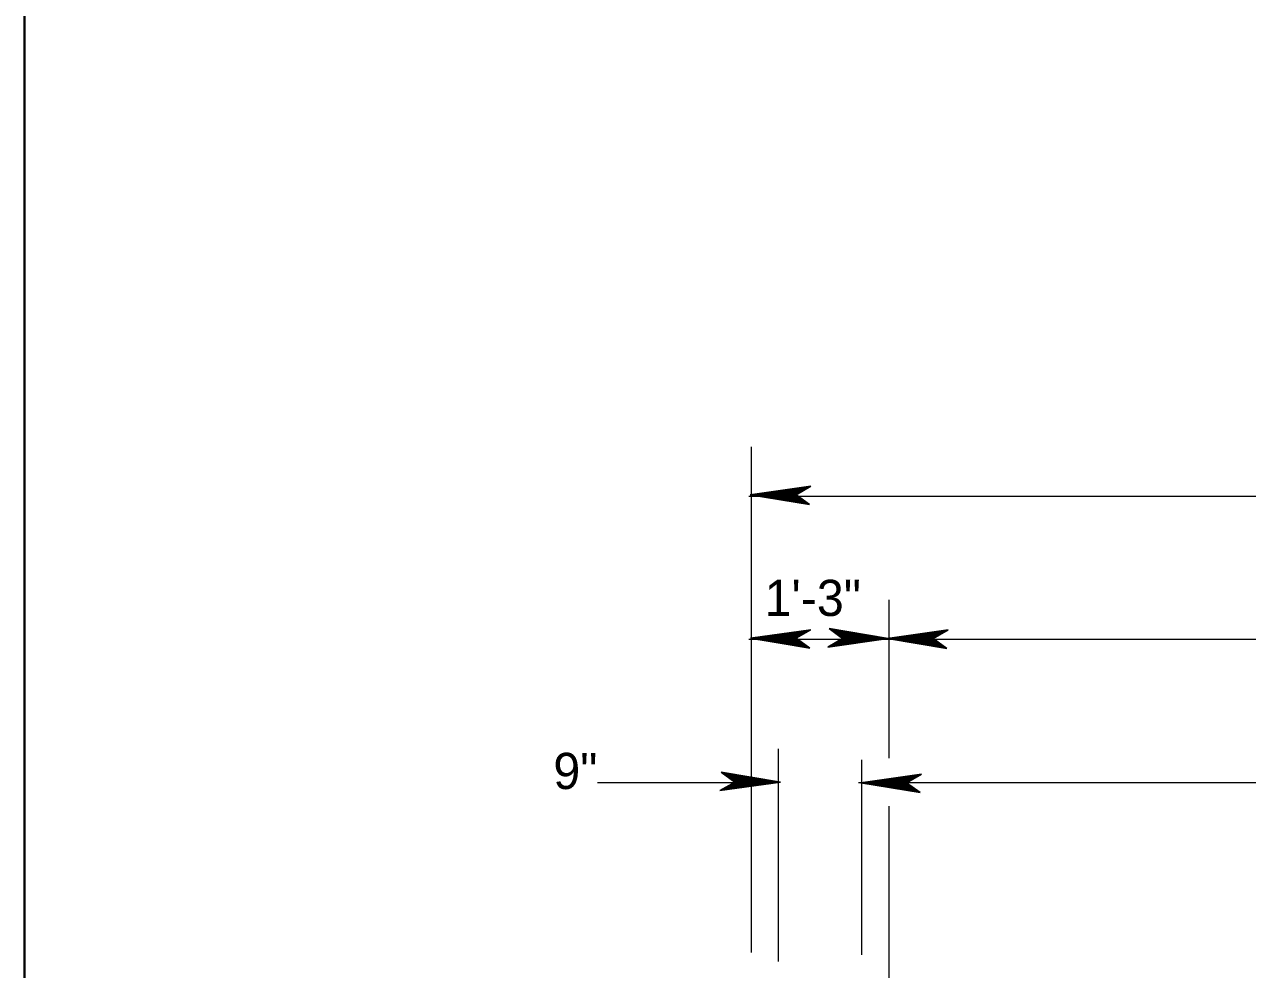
# Model space of a CAD drawing. Extents: x 144 to 252, y 360 to 425.
# Drawn here: x 149.81 to 160.9, y 379.97 to 388.54 of the extents above; entities that cross this region are included whole.
import ezdxf
from ezdxf.enums import TextEntityAlignment as Align

# ---------------------------------------------------------------- set-up
doc = ezdxf.new("R2010")
doc.units = 0
doc.header["$LTSCALE"] = 0.13
for name, color, linetype, lineweight in [('1', 7, 'Continuous', 40), ('16', 7, 'Continuous', 13), ('3', 7, 'Continuous', 13)]:
    doc.layers.add(name, color=color, linetype=linetype, lineweight=lineweight)

msp = doc.modelspace()

# ---------------------------------------------------------------- linework, layer by layer
at = {"layer": '1', "lineweight": 13}
for p, q in [((156.4041, 380.1236), (156.4041, 382.9759)), ((157.4041, 381.1957), (157.4041, 381.871)), ((156.6476, 381.6627), (155.0067, 381.6627)), ((177.4166, 381.6627), (157.3739, 381.6627)), ((157.4041, 380.7103), (157.4041, 381.1957)), ((157.4041, 380.1021), (157.4041, 381.0482))]:
    msp.add_line(p, q, dxfattribs=at)
at = {"layer": '1'}
msp.add_lwpolyline([(250.3172, 361.9183), (250.3172, 423.9913), (149.8112, 423.9913), (149.8112, 361.9183), (230.3642, 361.9183)], dxfattribs=at)
at = {"layer": '3'}
for p, q in [((156.4041, 382.7622), (156.4041, 384.7079)), ((156.3791, 384.2597), (180.3798, 384.2597)), ((156.9406, 384.3518), (156.3918, 384.2741)), ((156.3918, 384.2741), (156.9295, 384.1848)), ((156.8072, 384.2741), (156.3918, 384.2741)), ((156.9346, 384.3483), (156.4062, 384.2734)), ((156.4062, 384.2734), (156.9262, 384.1872)), ((156.9311, 384.3463), (156.4171, 384.2734)), ((156.4171, 384.2734), (156.923, 384.1895)), ((156.9265, 384.3437), (156.4315, 384.2734)), ((156.4315, 384.2734), (156.9187, 384.1927)), ((156.9224, 384.3413), (156.4442, 384.2734)), ((156.9224, 384.3413), (156.4442, 384.2734)), ((156.4442, 384.2734), (156.915, 384.1953)), ((156.9187, 384.3391), (156.4556, 384.2734)), ((156.4556, 384.2734), (156.9117, 384.1977)), ((156.9142, 384.3364), (156.47, 384.2734)), ((156.47, 384.2734), (156.9074, 384.2009)), ((156.9101, 384.334), (156.4827, 384.2734)), ((156.4827, 384.2734), (156.9037, 384.2037)), ((156.9057, 384.3315), (156.4965, 384.2734)), ((156.4965, 384.2734), (156.8996, 384.2066)), ((156.9013, 384.3289), (156.5103, 384.2734)), ((156.5103, 384.2734), (156.8955, 384.2096)), ((156.897, 384.3264), (156.5236, 384.2734)), ((156.5236, 384.2734), (156.8916, 384.2124)), ((156.8925, 384.3237), (156.5375, 384.2734)), ((156.5375, 384.2734), (156.8875, 384.2154)), ((156.8885, 384.3215), (156.5501, 384.2734)), ((156.5501, 384.2734), (156.8837, 384.2181)), ((156.8847, 384.3193), (156.5615, 384.2734)), ((156.5615, 384.2734), (156.8803, 384.2206)), ((156.8798, 384.3164), (156.5772, 384.2734)), ((156.5772, 384.2734), (156.8757, 384.2239)), ((156.8753, 384.3137), (156.591, 384.2734)), ((156.591, 384.2734), (156.8717, 384.2269)), ((156.8682, 384.3096), (156.609, 384.2729)), ((156.609, 384.2729), (156.8674, 384.23)), ((156.8713, 384.3115), (156.6106, 384.2745)), ((156.8637, 384.307), (156.6229, 384.2729)), ((156.6229, 384.2729), (156.8632, 384.233)), ((156.8595, 384.3045), (156.6361, 384.2729)), ((156.6361, 384.2729), (156.8594, 384.2358)), ((156.858, 384.3037), (156.6452, 384.2734)), ((156.6452, 384.2734), (156.8557, 384.2386)), ((156.8541, 384.3014), (156.6572, 384.2734)), ((156.6572, 384.2734), (156.8521, 384.2412)), ((156.8497, 384.2987), (156.671, 384.2734)), ((156.671, 384.2734), (156.848, 384.2442)), ((156.8447, 384.2959), (156.6867, 384.2734)), ((156.6867, 384.2734), (156.8433, 384.2474)), ((156.8406, 384.2935), (156.6993, 384.2734)), ((156.6993, 384.2734), (156.8397, 384.2502)), ((156.8363, 384.291), (156.7125, 384.2734)), ((156.7125, 384.2734), (156.8357, 384.253)), ((156.8325, 384.2887), (156.7245, 384.2734)), ((156.7245, 384.2734), (156.8322, 384.2557)), ((156.8278, 384.2861), (156.739, 384.2734)), ((156.739, 384.2734), (156.8279, 384.2587)), ((156.8234, 384.2835), (156.7528, 384.2734)), ((156.7528, 384.2734), (156.8237, 384.2617)), ((156.8193, 384.2812), (156.7655, 384.2734)), ((156.7655, 384.2734), (156.8201, 384.2644)), ((156.7788, 384.2734), (156.8162, 384.2672)), ((156.8141, 384.2781), (156.789, 384.2745)), ((156.8114, 384.2765), (156.7902, 384.2734)), ((156.7902, 384.2734), (156.8127, 384.2697)), ((156.8003, 384.2734), (156.8098, 384.2719)), ((156.807, 384.2739), (156.9406, 384.3518)), ((156.9295, 384.1848), (156.807, 384.2739)), ((156.4041, 382.7622), (156.4041, 383.3206)), ((157.6499, 382.7622), (157.6499, 383.3206)), ((156.9417, 383.0497), (156.393, 382.972)), ((156.9357, 383.0462), (156.4074, 382.9713)), ((156.9322, 383.0442), (156.4183, 382.9713)), ((156.9277, 383.0416), (156.4327, 382.9713)), ((156.9236, 383.0392), (156.4454, 382.9713)), ((156.9236, 383.0392), (156.4454, 382.9713)), ((156.9199, 383.037), (156.4567, 382.9713)), ((156.9153, 383.0343), (156.4712, 382.9713)), ((156.9112, 383.0319), (156.4839, 382.9713)), ((156.9068, 383.0294), (156.4977, 382.9713)), ((156.9024, 383.0268), (156.5115, 382.9713)), ((156.8082, 382.9718), (156.9417, 383.0497)), ((157.6437, 382.9702), (157.1061, 383.0595)), ((157.1061, 383.0595), (157.2286, 382.9704)), ((157.6293, 382.9709), (157.1093, 383.0572)), ((157.6185, 382.9709), (157.1126, 383.0548)), ((157.6041, 382.9709), (157.1168, 383.0517)), ((157.5913, 382.9709), (157.1206, 383.049)), ((157.58, 382.9709), (157.1239, 383.0466)), ((157.5656, 382.9709), (157.1282, 383.0434)), ((157.5528, 382.9709), (157.1319, 383.0407)), ((157.5391, 382.9709), (157.136, 383.0377)), ((157.5252, 382.9709), (157.1401, 383.0347)), ((157.512, 382.9709), (157.144, 383.0319)), ((157.4981, 382.9709), (157.1481, 383.0289)), ((157.4855, 382.9709), (157.1518, 383.0263)), ((158.1851, 383.048), (157.6363, 382.9702)), ((158.1791, 383.0445), (157.6507, 382.9696)), ((158.1756, 383.0425), (157.6616, 382.9696)), ((158.171, 383.0398), (157.676, 382.9696)), ((158.1669, 383.0374), (157.6887, 382.9696)), ((158.1669, 383.0374), (157.6887, 382.9696)), ((158.1633, 383.0352), (157.7001, 382.9696)), ((158.1587, 383.0326), (157.7145, 382.9696)), ((158.1546, 383.0302), (157.7272, 382.9696)), ((158.1502, 383.0277), (157.741, 382.9696)), ((158.0515, 382.9701), (158.1851, 383.048)), ((156.38, 382.9646), (179.0847, 382.9646)), ((156.393, 382.972), (156.9307, 382.8827)), ((156.8084, 382.972), (156.393, 382.972)), ((156.4074, 382.9713), (156.9274, 382.8851)), ((156.4183, 382.9713), (156.9242, 382.8874)), ((156.4327, 382.9713), (156.9199, 382.8906)), ((156.4454, 382.9713), (156.9162, 382.8932)), ((156.4567, 382.9713), (156.9128, 382.8957)), ((156.4712, 382.9713), (156.9086, 382.8988)), ((156.4839, 382.9713), (156.9048, 382.9016)), ((156.4977, 382.9713), (156.9007, 382.9045)), ((156.5115, 382.9713), (156.8967, 382.9075)), ((156.8982, 383.0243), (156.5247, 382.9713)), ((156.5247, 382.9713), (156.8928, 382.9103)), ((156.8937, 383.0217), (156.5387, 382.9713)), ((156.5387, 382.9713), (156.8887, 382.9133)), ((156.8897, 383.0194), (156.5512, 382.9713)), ((156.5512, 382.9713), (156.8849, 382.916)), ((156.8859, 383.0172), (156.5627, 382.9713)), ((156.5627, 382.9713), (156.8815, 382.9185)), ((156.8809, 383.0143), (156.5783, 382.9713)), ((156.5783, 382.9713), (156.8769, 382.9218)), ((156.8765, 383.0117), (156.5922, 382.9713)), ((156.5922, 382.9713), (156.8728, 382.9248)), ((156.8693, 383.0075), (156.6102, 382.9708)), ((156.6102, 382.9708), (156.8686, 382.9279)), ((156.8725, 383.0094), (156.6118, 382.9724)), ((156.8649, 383.0049), (156.6241, 382.9708)), ((156.6241, 382.9708), (156.8644, 382.9309)), ((156.8607, 383.0024), (156.6372, 382.9708)), ((156.6372, 382.9708), (156.8606, 382.9337)), ((156.8592, 383.0016), (156.6463, 382.9713)), ((156.6463, 382.9713), (156.8568, 382.9365)), ((156.8552, 382.9993), (156.6583, 382.9713)), ((156.6583, 382.9713), (156.8533, 382.9391)), ((156.8508, 382.9967), (156.6722, 382.9713)), ((156.6722, 382.9713), (156.8492, 382.9421)), ((156.8458, 382.9938), (156.6878, 382.9713)), ((156.6878, 382.9713), (156.8445, 382.9453)), ((156.8417, 382.9914), (156.7004, 382.9713)), ((156.7004, 382.9713), (156.8408, 382.9481)), ((156.8375, 382.9889), (156.7137, 382.9713)), ((156.7137, 382.9713), (156.8369, 382.9509)), ((156.8337, 382.9867), (156.7257, 382.9713)), ((156.7257, 382.9713), (156.8333, 382.9536)), ((156.829, 382.984), (156.7402, 382.9713)), ((156.7402, 382.9713), (156.8291, 382.9566)), ((156.8246, 382.9814), (156.754, 382.9713)), ((156.754, 382.9713), (156.8249, 382.9596)), ((156.8205, 382.9791), (156.7667, 382.9713)), ((156.7667, 382.9713), (156.8212, 382.9623)), ((156.7799, 382.9713), (156.8173, 382.9652)), ((156.8152, 382.976), (156.7902, 382.9724)), ((156.8126, 382.9744), (156.7913, 382.9713)), ((156.7913, 382.9713), (156.8139, 382.9676)), ((156.8015, 382.9713), (156.8109, 382.9698)), ((156.9307, 382.8827), (156.8082, 382.9718)), ((157.2286, 382.9704), (157.095, 382.8925)), ((157.095, 382.8925), (157.6437, 382.9702)), ((157.101, 382.896), (157.6293, 382.9709)), ((157.1045, 382.898), (157.6185, 382.9709)), ((157.1091, 382.9007), (157.6041, 382.9709)), ((157.1132, 382.9031), (157.5913, 382.9709)), ((157.1132, 382.9031), (157.5913, 382.9709)), ((157.1168, 382.9052), (157.58, 382.9709)), ((157.1214, 382.9079), (157.5656, 382.9709)), ((157.1255, 382.9103), (157.5528, 382.9709)), ((157.1299, 382.9128), (157.5391, 382.9709)), ((157.1343, 382.9154), (157.5252, 382.9709)), ((157.1386, 382.9179), (157.512, 382.9709)), ((157.1431, 382.9206), (157.4981, 382.9709)), ((157.1471, 382.9228), (157.4855, 382.9709)), ((157.1508, 382.9251), (157.4741, 382.9709)), ((157.4741, 382.9709), (157.1552, 383.0238)), ((157.1558, 382.9279), (157.4584, 382.9709)), ((157.4584, 382.9709), (157.1598, 383.0204)), ((157.1602, 382.9306), (157.4446, 382.9709)), ((157.4446, 382.9709), (157.1639, 383.0174)), ((157.1642, 382.9328), (157.425, 382.9698)), ((157.1674, 382.9348), (157.4266, 382.9714)), ((157.4266, 382.9714), (157.1682, 383.0143)), ((157.1718, 382.9373), (157.4127, 382.9714)), ((157.4127, 382.9714), (157.1723, 383.0113)), ((157.1761, 382.9398), (157.3995, 382.9714)), ((157.3995, 382.9714), (157.1762, 383.0085)), ((157.1776, 382.9407), (157.3904, 382.9709)), ((157.3904, 382.9709), (157.1799, 383.0057)), ((157.1815, 382.9429), (157.3784, 382.9709)), ((157.3784, 382.9709), (157.1835, 383.0032)), ((157.1859, 382.9456), (157.3646, 382.9709)), ((157.3646, 382.9709), (157.1876, 383.0002)), ((157.1909, 382.9484), (157.3489, 382.9709)), ((157.3489, 382.9709), (157.1923, 382.9969)), ((157.195, 382.9508), (157.3363, 382.9709)), ((157.3363, 382.9709), (157.1959, 382.9942)), ((157.1993, 382.9533), (157.3231, 382.9709)), ((157.3231, 382.9709), (157.1998, 382.9913)), ((157.2031, 382.9556), (157.3111, 382.9709)), ((157.3111, 382.9709), (157.2034, 382.9887)), ((157.2966, 382.9709), (157.2077, 382.9857)), ((157.2078, 382.9582), (157.2966, 382.9709)), ((157.2827, 382.9709), (157.2118, 382.9827)), ((157.2122, 382.9608), (157.2827, 382.9709)), ((157.2701, 382.9709), (157.2155, 382.9799)), ((157.2163, 382.9632), (157.2701, 382.9709)), ((157.2568, 382.9709), (157.2194, 382.9771)), ((157.2215, 382.9663), (157.2466, 382.9698)), ((157.2454, 382.9709), (157.2228, 382.9747)), ((157.2242, 382.9678), (157.2454, 382.9709)), ((157.2353, 382.9709), (157.2258, 382.9724)), ((157.2283, 382.9702), (157.6437, 382.9702)), ((157.6363, 382.9702), (158.174, 382.881)), ((158.0517, 382.9702), (157.6363, 382.9702)), ((157.6507, 382.9696), (158.1707, 382.8833)), ((157.6616, 382.9696), (158.1675, 382.8857)), ((157.676, 382.9696), (158.1633, 382.8888)), ((157.6887, 382.9696), (158.1595, 382.8915)), ((157.7001, 382.9696), (158.1562, 382.8939)), ((157.7145, 382.9696), (158.1519, 382.8971)), ((157.7272, 382.9696), (158.1482, 382.8998)), ((157.741, 382.9696), (158.1441, 382.9027)), ((158.1457, 383.0251), (157.7548, 382.9696)), ((157.7548, 382.9696), (158.14, 382.9058)), ((158.1415, 383.0226), (157.7681, 382.9696)), ((157.7681, 382.9696), (158.1361, 382.9086)), ((158.137, 383.0199), (157.782, 382.9696)), ((157.782, 382.9696), (158.132, 382.9116)), ((158.133, 383.0177), (157.7946, 382.9696)), ((157.7946, 382.9696), (158.1283, 382.9142)), ((158.1292, 383.0154), (157.806, 382.9696)), ((157.806, 382.9696), (158.1248, 382.9167)), ((158.1242, 383.0126), (157.8217, 382.9696)), ((157.8217, 382.9696), (158.1202, 382.9201)), ((158.1198, 383.0099), (157.8355, 382.9696)), ((157.8355, 382.9696), (158.1162, 382.9231)), ((158.1127, 383.0057), (157.8535, 382.9691)), ((157.8535, 382.9691), (158.1119, 382.9262)), ((158.1158, 383.0077), (157.8551, 382.9707)), ((158.1082, 383.0032), (157.8674, 382.9691)), ((157.8674, 382.9691), (158.1077, 382.9292)), ((158.104, 383.0007), (157.8806, 382.9691)), ((157.8806, 382.9691), (158.1039, 382.932)), ((158.1025, 382.9998), (157.8897, 382.9696)), ((157.8897, 382.9696), (158.1002, 382.9348)), ((158.0986, 382.9976), (157.9017, 382.9696)), ((157.9017, 382.9696), (158.0966, 382.9373)), ((158.0942, 382.9949), (157.9155, 382.9696)), ((157.9155, 382.9696), (158.0925, 382.9403)), ((158.0892, 382.9921), (157.9312, 382.9696)), ((157.9312, 382.9696), (158.0878, 382.9436)), ((158.0851, 382.9897), (157.9437, 382.9696)), ((157.9437, 382.9696), (158.0842, 382.9463)), ((158.0808, 382.9872), (157.957, 382.9696)), ((157.957, 382.9696), (158.0803, 382.9492)), ((158.077, 382.9849), (157.969, 382.9696)), ((157.969, 382.9696), (158.0767, 382.9518)), ((158.0723, 382.9822), (157.9835, 382.9696)), ((157.9835, 382.9696), (158.0724, 382.9548)), ((158.0679, 382.9797), (157.9973, 382.9696)), ((157.9973, 382.9696), (158.0683, 382.9578)), ((158.0638, 382.9773), (158.01, 382.9696)), ((158.01, 382.9696), (158.0646, 382.9606)), ((158.0232, 382.9696), (158.0607, 382.9634)), ((158.0586, 382.9742), (158.0335, 382.9707)), ((158.0559, 382.9727), (158.0347, 382.9696)), ((158.0347, 382.9696), (158.0572, 382.9658)), ((158.0448, 382.9696), (158.0542, 382.9681)), ((158.174, 382.881), (158.0515, 382.9701)), ((156.4041, 382.7622), (156.4041, 382.8667)), ((156.4041, 382.7137), (156.4041, 382.8667)), ((157.6499, 381.8838), (157.6499, 382.8667)), ((156.648, 380.0423), (156.648, 381.9688)), ((156.6659, 381.6682), (156.1283, 381.7574)), ((156.1283, 381.7574), (156.2507, 381.6683)), ((156.6515, 381.6688), (156.1315, 381.7551)), ((156.6407, 381.6688), (156.1347, 381.7527)), ((156.6262, 381.6688), (156.139, 381.7496)), ((156.6135, 381.6688), (156.1428, 381.7469)), ((156.6022, 381.6688), (156.1461, 381.7445)), ((156.5877, 381.6688), (156.1503, 381.7413)), ((156.575, 381.6688), (156.1541, 381.7386)), ((156.5613, 381.6688), (156.1582, 381.7357)), ((156.5474, 381.6688), (156.1623, 381.7327)), ((156.5342, 381.6688), (156.1662, 381.7298)), ((156.5203, 381.6688), (156.1702, 381.7268)), ((156.5077, 381.6688), (156.174, 381.7242)), ((156.4963, 381.6688), (156.1774, 381.7217)), ((156.4806, 381.6688), (156.182, 381.7183)), ((156.4667, 381.6688), (156.1861, 381.7153)), ((156.4487, 381.6693), (156.1903, 381.7122)), ((156.4348, 381.6693), (156.1945, 381.7092)), ((156.4217, 381.6693), (156.1983, 381.7064)), ((156.4126, 381.6688), (156.2021, 381.7037)), ((156.4006, 381.6688), (156.2057, 381.7011)), ((156.3868, 381.6688), (156.2097, 381.6981)), ((156.3711, 381.6688), (156.2144, 381.6948)), ((157.943, 381.7406), (157.3942, 381.6628)), ((157.937, 381.7371), (157.4087, 381.6622)), ((157.9335, 381.7351), (157.4195, 381.6622)), ((157.9289, 381.7324), (157.4339, 381.6622)), ((157.9248, 381.73), (157.4467, 381.6622)), ((157.9248, 381.73), (157.4467, 381.6622)), ((157.9212, 381.7278), (157.458, 381.6622)), ((157.9166, 381.7252), (157.4724, 381.6622)), ((157.9125, 381.7227), (157.4852, 381.6622)), ((157.9081, 381.7202), (157.4989, 381.6622)), ((157.9037, 381.7177), (157.5127, 381.6622)), ((157.8994, 381.7152), (157.526, 381.6622)), ((157.8949, 381.7125), (157.5399, 381.6622)), ((157.8909, 381.7102), (157.5525, 381.6622)), ((157.8872, 381.708), (157.5639, 381.6622)), ((157.8822, 381.7052), (157.5796, 381.6622)), ((157.8777, 381.7025), (157.5934, 381.6622)), ((157.8706, 381.6983), (157.6114, 381.6617)), ((157.8738, 381.7002), (157.613, 381.6633)), ((157.8662, 381.6957), (157.6253, 381.6617)), ((157.8094, 381.6627), (157.943, 381.7406)), ((156.2507, 381.6683), (156.1172, 381.5904)), ((156.1172, 381.5904), (156.6659, 381.6682)), ((156.1232, 381.5939), (156.6515, 381.6688)), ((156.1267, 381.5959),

______

■ Work instructions ■
Pick out every line above that holds the word "ezdxf" and copy it.

■ Final answer ■
import ezdxf
from ezdxf.enums import TextEntityAlignment as Align
doc = ezdxf.new("R2010")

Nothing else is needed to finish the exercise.